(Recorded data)
--

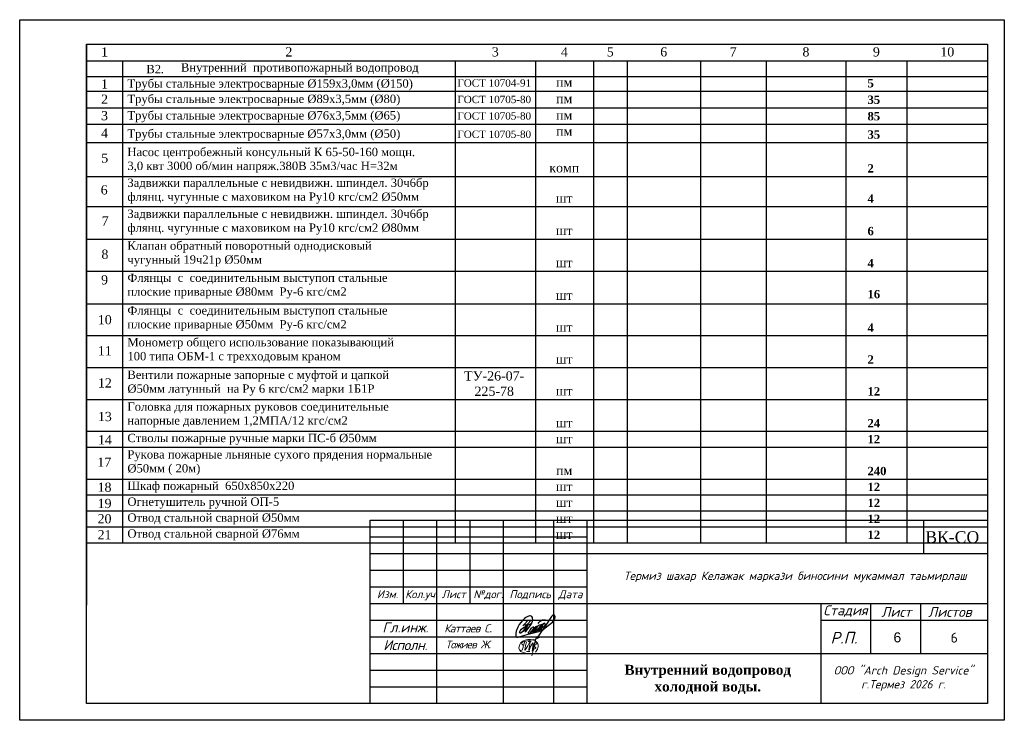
# Model space of a CAD drawing. Header units: inches. Extents: x 8001 to 766003, y -84601 to 563258.
# Tile 117 of 169: x 459026 to 488526, y -34109 to -13109. Entities that reach past the tile are written whole.
import ezdxf

# ---------------------------------------------------------------- set-up
doc = ezdxf.new("R2010")
doc.units = ezdxf.units.IN
doc.header["$MEASUREMENT"] = 0
doc.layers.add('_0', color=7, linetype='Continuous', lineweight=15)
doc.layers.add('ФВС-3', color=7, linetype='Continuous', lineweight=25)
doc.styles.add('MyStyle', font='isocpeur.ttf', dxfattribs={"height": 400})
doc.styles.add('OOO-Kazar', font='txt')
doc.styles.get("Standard").update_dxf_attribs({"font": 'arial.ttf'})

# ---------------------------------------------------------------- blocks, each defined once
blk = doc.blocks.new('керы')
at = {"color": 0}
for p, q in [((17700546, 263059), (17730046, 263059)), ((17700546, 242059), (17700546, 263059)), ((17730046, 263059), (17730046, 242059)), ((17730046, 242059), (17700546, 242059))]:
    blk.add_line(p, q, dxfattribs=at)
blk = doc.blocks.new('gfnfd')
at = {"layer": '_0', "color": 5, "ltscale": 100}
for points in [[(6520817.7, 2413293.9), (6520848.3, 2413293.6)], [(6520801, 2413191.6), (6520834.5, 2413191.6)]]:
    blk.add_lwpolyline(points, dxfattribs=at)
blk.add_arc((6518800.2, 2413812.4), 2051.1, 342.79532, 345.32891, dxfattribs=at)
for points in [[(6520891.3, 2413186), (6520915, 2413229.1), (6520915.3, 2413268.7), (6520745.7, 2413281.4), (6520730.3, 2413208), (6520826.7, 2413172.7)], [(6520765.3, 2413254.6), (6520754.2, 2413268.5), (6520847.3, 2413304.6), (6520939, 2413338.6)], [(6520800.2, 2413285.4), (6520787, 2413204.9), (6520836.4, 2413284.7), (6520823.2, 2413202), (6520865.6, 2413283.3), (6520858, 2413196.4), (6520894.9, 2413321.6), (6520855, 2413150)], [(6520759.5, 2413205.7), (6520745.6, 2413203.3)], [(6520887.9, 2413287.6), (6520900.4, 2413265.9), (6520878.9, 2413249.6), (6520895.2, 2413224), (6520870, 2413212.6), (6520870.2, 2413206.7)]]:
    blk.add_spline(points, degree=3, dxfattribs=at)
blk = doc.blocks.new('rrwerewrewrewrew')
at = {"color": 5}
for points in [[(390507, 558635), (395529, 562210), (397057, 563852), (397766, 564614), (397257, 565308), (395804, 564684), (393930, 562390), (393187, 560845, 0.2425571), (393041, 559580, 0.403283), (393704, 559264), (399431, 563972), (400603, 565962), (400228, 566548), (398635, 565939), (397633, 564795), (395782, 562481), (395782, 560295), (396385, 560295), (399478, 562450), (401915, 565049, 0.0481341), (402290, 566969, 0.1195267), (400636, 565910), (398470, 562543), (398470, 560904), (398892, 560600), (405033, 566245, 0.1215434), (405033, 567557, 0.358457), (404400, 567908, 0.1500372), (402713, 566737), (401915, 565049), (401358, 564455, 0.1033271), (401119, 561843, 0.5753384), (401471, 561164, 0.1529521), (402959, 561934), (404869, 563552), (412161, 569153), (414224, 572291), (414531, 574421), (414044, 575728), (413253, 576151), (412242, 575691), (411129, 574552), (409777, 572512), (406098, 567138), (396979, 553520)], [(387872, 564817), (385461, 560165, 0.5555675), (386382, 560107), (391670, 566719), (392907, 570003, 0.1652467), (392907, 572723, 0.4373519), (390680, 575054, 0.1925367), (387853, 574100), (386571, 573489), (385290, 572586), (383117, 570710), (380078, 566719), (378699, 564105), (377285, 560326), (377078, 559578, 0.0785228), (377003, 555809, 0.2301942), (377694, 554621, 0.0887128), (377781, 554616, 0.0887128), (379419, 554812, 0.0887128), (381084, 555304), (390088, 557920), (399004, 560086), (402154, 561376)], [(387980, 570424), (385421, 567493, 0.2289988), (385508, 566433, 0.4148871), (386276, 566280), (387929, 567230), (391574, 570827), (387929, 567230), (383602, 559965), (381685, 558391), (380818, 558391), (380448, 559062), (380582, 559876), (380932, 560780), (382245, 562139), (384351, 563843), (392166, 568035)], [(398349, 567683, -0.1723995), (399516, 569357, -0.0937472), (402528, 571150, -0.2781187), (405794, 570727)], [(393348, 564247, 0.1582973), (390735, 562114), (389962, 560238), (388831, 559169, 0.4981733), (388831, 558274, 0.2094685), (389828, 557885), (393236, 561652), (394204, 563658, 0.4643233), (393929, 564350), (393348, 564299), (393348, 564247)]]:
    blk.add_lwpolyline(points, format="xyb", dxfattribs=at)
blk.add_lwpolyline([(385421, 567493), (383513, 565557)], dxfattribs=at)

msp = doc.modelspace()

# ---------------------------------------------------------------- linework, layer by layer
at = {"ltscale": 0.1}
for p, q in [((461025.876, -13843.35), (461025.876, -30653.83)), ((461025.876, -13843.35), (488025.876, -13843.35)), ((488025.876, -13842.494), (488025.876, -30653.83)), ((461025.876, -14337.485), (488025.876, -14337.485)), ((462110.404, -14364.878), (462110.404, -28787.613)), ((472073.563, -14364.022), (472073.563, -28787.613)), ((474476.947, -14364.022), (474476.947, -28787.613)), ((476214.801, -14364.022), (476214.801, -28787.613)), ((477224.318, -14364.022), (477224.318, -28787.613)), ((479418.944, -14363.625), (479418.944, -28787.613)), ((481387.579, -14363.625), (481387.579, -28787.613)), ((483776.759, -14363.625), (483776.759, -28787.613)), ((485609.447, -14363.625), (485609.447, -28787.613)), ((461025.876, -14806.582), (488025.876, -14806.582)), ((461025.876, -15253.979), (488025.876, -15253.979)), ((461025.876, -15748.114), (488025.876, -15748.114)), ((461025.876, -16242.248), (488025.876, -16242.248)), ((461025.876, -16791.17), (488025.876, -16791.17)), ((461025.876, -17804.476), (488025.876, -17804.476)), ((461025.876, -18712.672), (488025.876, -18712.672)), ((461025.876, -19684.202), (488025.876, -19684.202)), ((461025.876, -20645.065), (488025.876, -20645.065)), ((461025.876, -21624.38), (488025.876, -21624.38)), ((461025.876, -22579.478), (488025.876, -22579.478)), ((461025.876, -23534.576), (488025.876, -23534.576)), ((461025.876, -24489.674), (488025.876, -24489.674)), ((461025.876, -25444.771), (488025.876, -25444.771)), ((461025.876, -25922.32), (488025.876, -25922.32)), ((461025.876, -26877.418), (488025.876, -26877.418)), ((461025.876, -27354.967), (488025.876, -27354.967)), ((461025.876, -27832.516), (488025.876, -27832.516)), ((461025.876, -28310.065), (488025.876, -28310.065)), ((461025.876, -28787.613), (488025.876, -28787.613))]:
    msp.add_line(p, q, dxfattribs=at)
at = {"color": 0}
for p, q in [((461025.876, -33608.575), (461025.876, -13843.35)), ((488025.876, -13842.494), (488025.876, -33608.575)), ((488025.876, -33608.575), (461025.876, -33608.575))]:
    msp.add_line(p, q, dxfattribs=at)
at = {"linetype": 'Continuous'}
for p, q in [((469525.876, -28108.575), (488025.876, -28108.575)), ((469525.876, -33608.575), (469525.876, -28108.575)), ((470525.876, -30608.575), (470525.876, -28108.575)), ((471525.876, -33608.575), (471525.876, -28108.575)), ((472525.876, -30608.575), (472525.876, -28108.575)), ((473525.876, -33608.575), (473525.876, -28108.575)), ((475025.876, -33608.575), (475025.876, -28108.575)), ((476025.876, -33608.575), (476025.876, -28108.575)), ((476025.876, -29108.575), (488025.876, -29108.575)), ((469525.876, -30108.575), (476025.876, -30108.575)), ((469525.876, -30608.575), (476025.876, -30608.575)), ((476025.876, -30608.575), (488025.876, -30608.575)), ((483025.876, -30608.575), (483025.876, -33608.575)), ((484525.876, -32108.575), (484525.876, -30608.575)), ((486020.038, -32108.575), (486020.038, -30608.575)), ((483025.876, -31108.575), (488025.876, -31108.575)), ((476025.876, -32108.575), (488025.876, -32108.575))]:
    msp.add_line(p, q, dxfattribs=at)
at = {"linetype": 'ByBlock', "ltscale": 0.1}
msp.add_line((486105.876, -28108.575), (486105.876, -29108.575), dxfattribs=at)
at = {"linetype": 'Continuous'}
for points in [[(469525.876, -28608.575), (476025.876, -28608.575)], [(469525.876, -29108.575), (476025.876, -29108.575)], [(469525.876, -29608.575), (476025.876, -29608.575)], [(469525.876, -31108.575), (476025.876, -31108.575)], [(469525.876, -31608.575), (476025.876, -31608.575)], [(469525.876, -32108.575), (476025.876, -32108.575)], [(469525.876, -32608.575), (476025.876, -32608.575)], [(469525.876, -33108.575), (476025.876, -33108.575)]]:
    msp.add_lwpolyline(points, dxfattribs=at)

# ---------------------------------------------------------------- block references
at = {"lineweight": 50}
msp.add_blockref('керы', (-17241520.529, -276167.353), dxfattribs=at)
at = {"color": 6, "xscale": 0.03125, "yscale": 0.03125, "zscale": 0.03125}
msp.add_blockref('rrwerewrewrewrew', (462114.239, -48948.381), dxfattribs=at)
at = {"layer": '_0', "xscale": 3, "yscale": 3, "zscale": 3}
msp.add_blockref('gfnfd', (-19088193.458, -7271624.208), dxfattribs=at)

# ---------------------------------------------------------------- texts
at = {"ltscale": 0.1, "char_height": 275.562, "attachment_point": 5}
for s, insert, width in [('{\\fTimes New Roman|b0|i0|c204|p18;1', (461568.14, -14074.513), 1081.94635), ('{\\fTimes New Roman|b0|i0|c204|p18;2', (467091.984, -14074.513), 9960.57608), ('{\\fTimes New Roman|b0|i0|c204|p18;3', (473275.255, -14074.513), 2400.8014), ('{\\fTimes New Roman|b0|i0|c204|p18;4', (475345.874, -14074.513), 1735.27253), ('{\\fTimes New Roman|b0|i0|c204|p18;5', (476719.56, -14074.513), 1006.93395), ('{\\fTimes New Roman|b0|i0|c204|p18;6', (478321.631, -14074.513), 2192.04381), ('{\\fTimes New Roman|b0|i0|c204|p18;7', (480403.261, -14074.513), 1966.05263), ('{\\fTimes New Roman|b0|i0|c204|p18;8', (482582.169, -14074.513), 2386.59755), ('{\\fTimes New Roman|b0|i0|c204|p18;9', (484693.103, -14074.513), 1830.10608), ('{\\fTimes New Roman|b0|i0|c204|p18;10', (486817.661, -14074.513), 2413.84602), ('{\\fTimes New Roman|b0|i0|c204|p18;1}', (461568.14, -15036.561), 1081.94635), ('{\\fTimes New Roman|b0|i0|c204|p18;\\H0.79667x;ГОСТ \\fTimes New Roman|b0|i0|c161|p18;10704-91\\H1.25522x; \\H0.8333x;   \\C1;  }', (473243.527, -15006.833), 3328.2415), ('{\\fTimes New Roman|b0|i0|c204|p18;пм}', (475341.342, -14979.693), 1735.27253), ('{\\fTimes New Roman|b0|i0|c204|p18;2}', (461568.14, -15492.589), 1081.94635), ('{\\fTimes New Roman|b0|i0|c204|p18;\\H0.79667x;ГОСТ \\fTimes New Roman|b0|i0|c161|p18;1070\\fTimes New Roman|b0|i0|c204|p18;5\\fTimes New Roman|b0|i0|c161|p18;-\\fTimes New Roman|b0|i0|c204|p18;80\\fTimes New Roman|b0|i0|c161|p18;\\H1.25522x; \\H0.8333x;   \\C1;  }', (473243.527, -15500.967), 3328.2415), ('{\\fTimes New Roman|b0|i0|c204|p18;пм}', (475341.342, -15473.828), 1735.27253), ('{\\fTimes New Roman|b0|i0|c204|p18;3}', (461568.14, -15986.723), 1081.94635), ('{\\fTimes New Roman|b0|i0|c204|p18;\\H0.79667x;ГОСТ \\fTimes New Roman|b0|i0|c161|p18;1070\\fTimes New Roman|b0|i0|c204|p18;5\\fTimes New Roman|b0|i0|c161|p18;-\\fTimes New Roman|b0|i0|c204|p18;80\\fTimes New Roman|b0|i0|c161|p18;\\H1.25522x; \\H0.8333x;   \\C1;  }', (473243.527, -15995.102), 3328.2415), ('{\\fTimes New Roman|b0|i0|c204|p18;пм}', (475341.342, -15967.962), 1735.27253), ('{\\fTimes New Roman|b0|i0|c204|p18;4}', (461568.14, -16508.466), 1081.94635), ('{\\fTimes New Roman|b0|i0|c204|p18;\\H0.79667x;ГОСТ \\fTimes New Roman|b0|i0|c161|p18;1070\\fTimes New Roman|b0|i0|c204|p18;5\\fTimes New Roman|b0|i0|c161|p18;-\\fTimes New Roman|b0|i0|c204|p18;80\\fTimes New Roman|b0|i0|c161|p18;\\H1.25522x; \\H0.8333x;   \\C1;  }', (473243.527, -16544.023), 3328.2415), ('{\\fTimes New Roman|b0|i0|c204|p18;пм}', (475341.342, -16451.672), 1735.27253), ('{\\fTimes New Roman|b0|i0|c204|p18;5}', (461574.822, -17259.734), 1081.94635), ('{\\fTimes New Roman|b0|i0|c204|p18;комп}', (475341.342, -17549.515), 1735.27253), ('{\\fTimes New Roman|b0|i0|c204|p18;6}', (461557.009, -18211.731), 1081.94635), ('{\\fTimes New Roman|b0|i0|c204|p18;шт}', (475341.342, -18457.711), 1735.27253), ('{\\fTimes New Roman|b0|i0|c204|p18;7}', (461585.934, -19142.554), 1081.94635), ('{\\fTimes New Roman|b0|i0|c204|p18;шт}', (475341.342, -19429.241), 1735.27253), ('{\\fTimes New Roman|b0|i0|c204|p18;8}', (461578.832, -20138.613), 1081.94635), ('{\\fTimes New Roman|b0|i0|c204|p18;шт}', (475341.342, -20390.104), 1735.27253), ('{\\fTimes New Roman|b0|i0|c204|p18;9}', (461568.14, -20907.541), 1081.94635), ('{\\fTimes New Roman|b0|i0|c204|p18;шт}', (475341.342, -21369.419), 1735.27253), ('{\\fTimes New Roman|b0|i0|c204|p18;10}', (461575.3, -22102.542), 1081.94635), ('{\\fTimes New Roman|b0|i0|c204|p18;шт}', (475341.342, -22324.517), 1735.27253), ('{\\fTimes New Roman|b0|i0|c204|p18;11}', (461575.3, -23031.444), 1081.94635), ('{\\fTimes New Roman|b0|i0|c204|p18;шт}', (475341.342, -23279.615), 1735.27253), ('{\\fTimes New Roman|b0|i0|c204|p18;12}', (461577.877, -23996.416), 1081.94635), ('{\\fTimes New Roman|b0|i0|c204|p18;ТУ-26-07- 225-78\\fTimes New Roman|b0|i0|c238|p18;  }', (473243.527, -24017.641), 2111.17509), ('{\\fTimes New Roman|b0|i0|c204|p18;шт}', (475341.342, -24234.713), 1735.27253), ('{\\fTimes New Roman|b0|i0|c204|p18;13}', (461577.877, -25004.584), 1081.94635), ('{\\fTimes New Roman|b0|i0|c204|p18;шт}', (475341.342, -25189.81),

--

**Work to be completed:**
What is the number of lines in these records that contain "керы"? Reply with the number only.

**Answer to the problem:**
2